**TRY IT**
Identify, in the records below, every line where the string "height" appears, and copy each such line.

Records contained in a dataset
◇ ◇ ◇ ◇

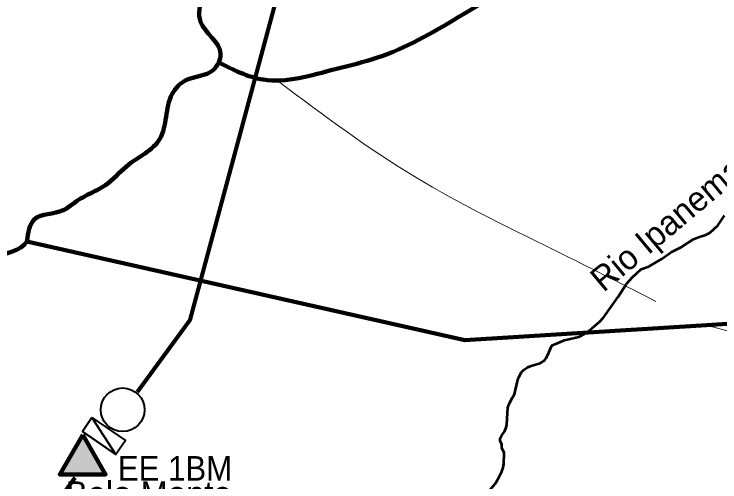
# Model space of a CAD drawing. Extents: x 553962 to 842807, y 8883888 to 9032388.
# Drawn here: x 688144 to 702536, y 8913971 to 8923504 of the extents above; entities that cross this region are included whole.
import ezdxf
from ezdxf.enums import TextEntityAlignment as Align

# ---------------------------------------------------------------- set-up
doc = ezdxf.new("R2010")
doc.units = 0
doc.header["$LTSCALE"] = 200
for name, color, linetype, lineweight in [('24', 7, 'Continuous', 25), ('28', 7, 'Continuous', 40), ('41', 7, 'Continuous', 40), ('57', 7, 'Continuous', 13), ('9', 7, 'Continuous', 90)]:
    doc.layers.add(name, color=color, linetype=linetype, lineweight=lineweight)
doc.layers.add('49', color=7, linetype='Continuous')

msp = doc.modelspace()

# ---------------------------------------------------------------- hatches: boundary and pattern name
at = {"layer": '28'}
msp.add_hatch(color=256, dxfattribs=at).paths.add_polyline_path([(689542.1, 8914929.3), (690008.2, 8914122), (689075.9, 8914122)])

# ---------------------------------------------------------------- linework, layer by layer
at = {"layer": '24', "lineweight": 53}
for points in [[(700933.1, 8918304.1), (701087.7, 8918357.1), (701353.2, 8918514.3), (701545, 8918649.8), (701747.7, 8918756.1), (702001.1, 8918916), (702097.1, 8918956.4), (702250.9, 8919005.3), (702331, 8919046.8), (702493.5, 8919198.3), (702630.7, 8919399.1)], [(699106, 8916749.2), (699107.9, 8916751.8), (699364.4, 8916858.8), (699663.1, 8916929.4), (699774, 8916985.7), (699929.5, 8917100.9), (700086.2, 8917240.2), (700161.8, 8917318.8), (700161.8, 8917318.8), (700462.7, 8917739.7), (700633.3, 8918009.2), (700747.4, 8918139), (700925.2, 8918301.4), (700933.1, 8918304.1)], [(698310.3, 8915692), (698345.2, 8915759.1), (698414.2, 8916049.1), (698434, 8916103.3), (698493.2, 8916205.4), (698541, 8916255.4), (698604.5, 8916300.2), (698689, 8916338.6), (698872.4, 8916392.4), (698958.8, 8916447.6), (698989, 8916484.6), (699031.1, 8916558.4), (699106, 8916749.2)], [(698089.5, 8914668.2), (698093, 8914730.9), (698057.9, 8914805.5), (698057.7, 8914860.2), (698080.5, 8914908.2), (698146.1, 8914998.1), (698179.3, 8915082.2), (698193.2, 8915143.2), (698213.4, 8915483.8), (698249.4, 8915574.9), (698249.4, 8915574.9), (698310.3, 8915692)], [(697317.1, 8913373.6), (697317.9, 8913374.9), (697500, 8913466.1), (697607.5, 8913547.4), (697828, 8913780.1), (697955.3, 8913931.9), (698021, 8914043.8), (698087.2, 8914183.8), (698114.2, 8914261.7), (698128.6, 8914336.6), (698136.1, 8914565.5), (698089.3, 8914664.5), (698089.5, 8914668.2)]]:
    msp.add_lwpolyline(points, dxfattribs=at)
at = {"layer": '24'}
for points in [[(700933.1, 8918304.1), (701087.7, 8918357.1), (701353.2, 8918514.3), (701545, 8918649.8), (701747.7, 8918756.1), (702001.1, 8918916), (702097.1, 8918956.4), (702250.9, 8919005.3), (702331, 8919046.8), (702493.5, 8919198.3), (702630.7, 8919399.1)], [(699106, 8916749.2), (699107.9, 8916751.8), (699364.4, 8916858.8), (699663.1, 8916929.4), (699774, 8916985.7), (699929.5, 8917100.9), (700086.2, 8917240.2), (700161.8, 8917318.8), (700161.8, 8917318.8), (700462.7, 8917739.7), (700633.3, 8918009.2), (700747.4, 8918139), (700925.2, 8918301.4), (700933.1, 8918304.1)], [(698310.3, 8915692), (698345.2, 8915759.1), (698414.2, 8916049.1), (698434, 8916103.3), (698493.2, 8916205.4), (698541, 8916255.4), (698604.5, 8916300.2), (698689, 8916338.6), (698872.4, 8916392.4), (698958.8, 8916447.6), (698989, 8916484.6), (699031.1, 8916558.4), (699106, 8916749.2)], [(698089.5, 8914668.2), (698093, 8914730.9), (698057.9, 8914805.5), (698057.7, 8914860.2), (698080.5, 8914908.2), (698146.1, 8914998.1), (698179.3, 8915082.2), (698193.2, 8915143.2), (698213.4, 8915483.8), (698249.4, 8915574.9), (698249.4, 8915574.9), (698310.3, 8915692)], [(697317.1, 8913373.6), (697317.9, 8913374.9), (697500, 8913466.1), (697607.5, 8913547.4), (697828, 8913780.1), (697955.3, 8913931.9), (698021, 8914043.8), (698087.2, 8914183.8), (698114.2, 8914261.7), (698128.6, 8914336.6), (698136.1, 8914565.5), (698089.3, 8914664.5), (698089.5, 8914668.2)]]:
    msp.add_lwpolyline(points, dxfattribs=at)
at = {"layer": '28', "lineweight": 80}
msp.add_line((688967.9, 8913483.7), (689387.7, 8914059), dxfattribs=at)
msp.add_lwpolyline([(690660.6, 8915803.9), (691732.9, 8917273.7), (693879.2, 8925258.2), (694473.3, 8927056.5)], dxfattribs=at)
at = {"layer": '28'}
msp.add_lwpolyline([(689728.8, 8915279.8), (690414, 8914811.8), (690221.2, 8914529.4), (689535.9, 8914997.5)], close=True, dxfattribs=at)
for points in [[(689728.8, 8915279.8), (689535.9, 8914997.5), (690221.2, 8914529.4)], [(689728.8, 8915279.8), (690221.2, 8914529.4), (689728.8, 8915279.8)]]:
    msp.add_lwpolyline(points, dxfattribs=at)
at = {"layer": '28', "lineweight": 90}
msp.add_lwpolyline([(689542.1, 8914929.3), (690008.2, 8914122), (689075.9, 8914122)], close=True, dxfattribs=at)
at = {"layer": '28'}
msp.add_circle((690357.7, 8915440.2), 444.4, dxfattribs=at)
at = {"layer": '57'}
for p, q in [((688404.9, 8918868.1), (697336.5, 8916857.2)), ((697336.5, 8916857.2), (702263.2, 8917164.2))]:
    msp.add_line(p, q, dxfattribs=at)
for points in [[(702263.2, 8917164.2), (697336.5, 8916857.2), (688404.9, 8918868.1)], [(710120.3, 8913369), (709646.4, 8914096), (708983, 8914759.8), (708256.3, 8915202.3), (707118.9, 8915708.1), (706297.5, 8916055.8), (702263.2, 8917164.2)]]:
    msp.add_lwpolyline(points, dxfattribs=at)
for points in [[(688404.9, 8918868.1), (688561.4, 8919324.4), (689144.7, 8919506), (689372.6, 8919659.6), (689727.1, 8919864.8), (690005.8, 8920018.8), (690435.7, 8920401.8), (691118.7, 8920963.9), (691368.2, 8921877.4), (691646.2, 8922158), (692203.9, 8922364.7), (692354.7, 8922695), (691945.1, 8923350.3), (691968, 8923856.9), (691992.7, 8923983.7), (691990.8, 8924363.6), (691810.4, 8924894), (691605.7, 8925196.3), (690588.8, 8925391.4), (690130.9, 8925539.9), (689951.8, 8925791.8), (690098.6, 8926932.4), (689816.9, 8927386.1), (689611.9, 8927764.4), (689634.6, 8928296.3), (689708.3, 8928803.3), (689427.8, 8929029.1), (689071.1, 8929254.4), (688973.1, 8929278.1)], [(692314.9, 8922520), (692203.9, 8922364.7), (691646.2, 8922158), (691368.2, 8921877.4), (691118.7, 8920963.9), (690435.7, 8920401.8), (690005.8, 8920018.8), (689727.1, 8919864.8), (689372.6, 8919659.6), (689144.7, 8919506), (688561.4, 8919324.4), (688404.9, 8918868.1)], [(693559.8, 8922111.3), (693220.9, 8922169.7), (692314.9, 8922520)], [(701229.8, 8917650.5), (699357, 8918596.8), (696307.5, 8920193.1), (693559.8, 8922111.3)], [(688404.9, 8918868.1), (688360.8, 8918816.4), (687575, 8918481.4), (687019.1, 8917894.9), (686664.7, 8917664.4)], [(686702.4, 8917687.5), (687019.1, 8917894.9), (687575, 8918481.4), (688360.8, 8918816.4), (688404.9, 8918868.1)]]:
    msp.add_spline(points, degree=3, dxfattribs=at)
at = {"layer": '9'}
msp.add_line((702263.2, 8917164.2), (717332.2, 8918103.3), dxfattribs=at)
msp.add_lwpolyline([(688404.9, 8918868.1), (697336.5, 8916857.2), (702263.2, 8917164.2)], dxfattribs=at)
for points in [[(702208.9, 8933124.7), (702148.3, 8929984.4), (701978.2, 8928413.1), (700513.8, 8926655.1), (699226.8, 8924948.9), (697202.3, 8923439.9), (695555.4, 8922617.4), (694693, 8922383.1), (693220.9, 8922169.7), (692314.9, 8922520)], [(688404.9, 8918868.1), (688561.4, 8919324.4), (689144.7, 8919506), (689372.6, 8919659.6), (689727.1, 8919864.8), (690005.8, 8920018.8), (690435.7, 8920401.8), (691118.7, 8920963.9), (691368.2, 8921877.4), (691646.2, 8922158), (692203.9, 8922364.7), (692354.7, 8922695), (691945.1, 8923350.3), (691968, 8923856.9), (691992.7, 8923983.7), (691990.8, 8924363.6), (691810.4, 8924894), (691605.7, 8925196.3), (690588.8, 8925391.4), (690130.9, 8925539.9), (689951.8, 8925791.8), (690098.6, 8926932.4), (689816.9, 8927386.1), (689611.9, 8927764.4), (689634.6, 8928296.3), (689708.3, 8928803.3), (689427.8, 8929029.1), (689071.1, 8929254.4), (688969.4, 8929279)], [(685563.3, 8914000.1), (685411.9, 8914186), (685156.8, 8914412), (685077.7, 8914993.8), (685249.9, 8916134.6), (685677.5, 8916973.4), (686082.1, 8917330.9), (686664.7, 8917664.4), (687019.1, 8917894.9), (687575, 8918481.4), (688360.8, 8918816.4), (688404.9, 8918868.1)]]:
    msp.add_spline(points, degree=3, dxfattribs=at)

# ---------------------------------------------------------------- texts
at = {"layer": '28', "width": 0.95}
msp.add_text('EE 1BM', height=500, dxfattribs=at).set_placement((690259.9, 8913996.5))
at = {"layer": '41'}
msp.add_text('Belo Monte', height=500, dxfattribs=at).set_placement((689197.5, 8913481.5))
at = {"layer": '49'}
msp.add_text('Rio Ipanema', height=500, rotation=39.92, dxfattribs=at).set_placement((701615.3, 8919036.7), align=Align.CENTER)

doc.saveas('drawing.dxf')

◇ ◇ ◇ ◇

**OUTPUT BELOW**
msp.add_text('EE 1BM', height=500, dxfattribs=at).set_placement((690259.9, 8913996.5))
msp.add_text('Belo Monte', height=500, dxfattribs=at).set_placement((689197.5, 8913481.5))
msp.add_text('Rio Ipanema', height=500, rotation=39.92, dxfattribs=at).set_placement((701615.3, 8919036.7), align=Align.CENTER)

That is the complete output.